__Exercise directions__
All of the entries must be reproduced exactly, with no images carried over.

__Records shown__
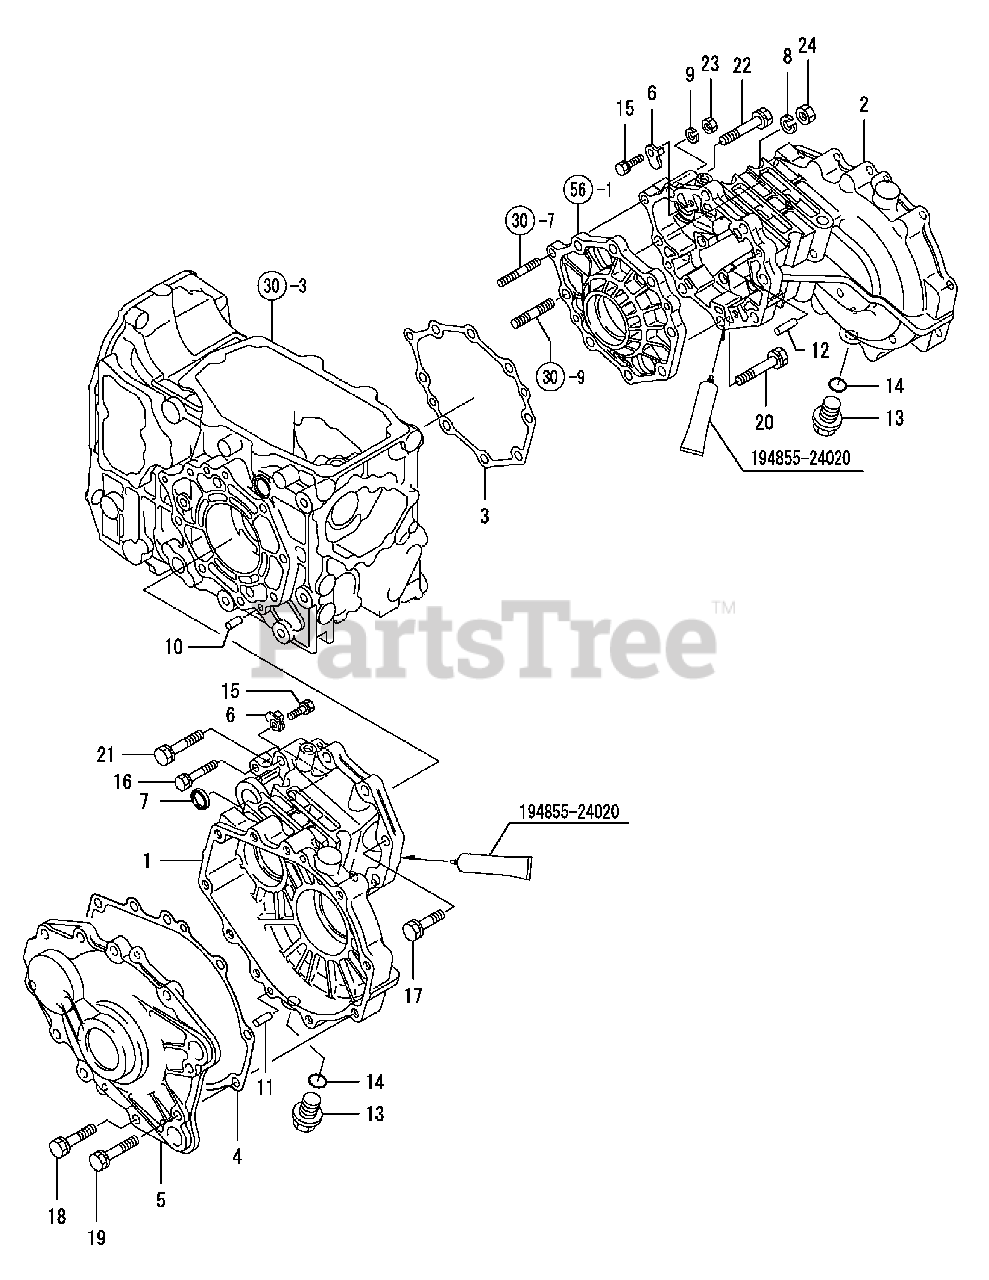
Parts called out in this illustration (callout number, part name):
1	Housing, Rear Axle L
2	Housing, Rear Axle R
3	Packing, Housing
5	Cover, Rear Axle
6	Stopper,Steel Plate
7	Seal Tc253506,Oil
8	Spring Washer 10
9	Locking Washer
10	Parallel Pin, M8X16
11	Parallel Pin, M8X20
12	Parallel Pin, M8X32
14	O-Ring 1A P-16.0
15	Bolt W/Washer M8X20
22	Bolt 10X65 W/Sp.Wshr
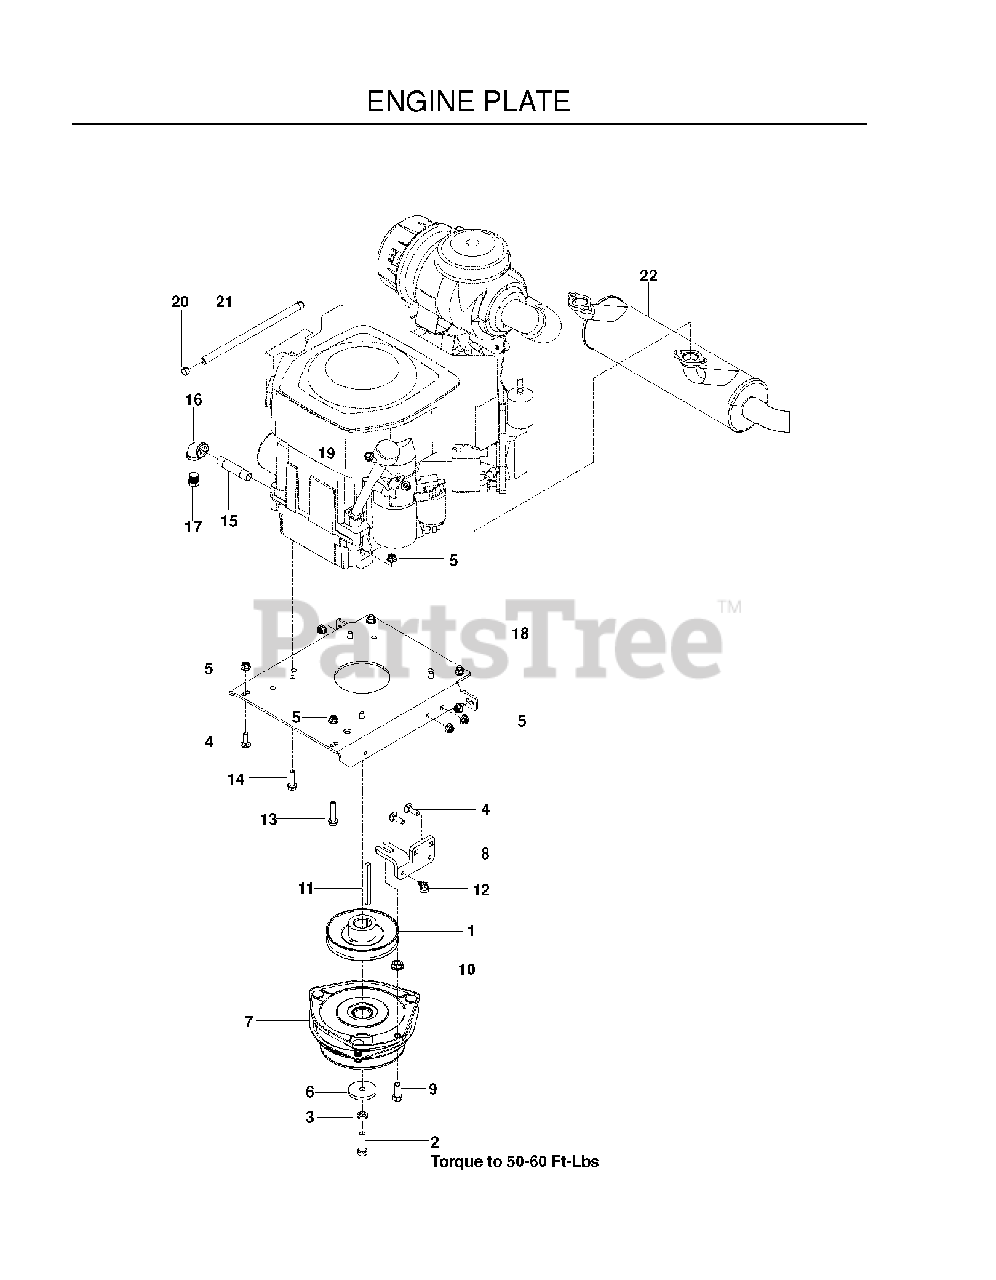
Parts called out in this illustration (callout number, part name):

__Reply__
Parts called out in this illustration (callout number, part name):
1	Housing, Rear Axle L
2	Housing, Rear Axle R
3	Packing, Housing
5	Cover, Rear Axle
6	Stopper,Steel Plate
7	Seal Tc253506,Oil
8	Spring Washer 10
9	Locking Washer
10	Parallel Pin, M8X16
11	Parallel Pin, M8X20
12	Parallel Pin, M8X32
14	O-Ring 1A P-16.0
15	Bolt W/Washer M8X20
22	Bolt 10X65 W/Sp.Wshr
Parts called out in this illustration (callout number, part name):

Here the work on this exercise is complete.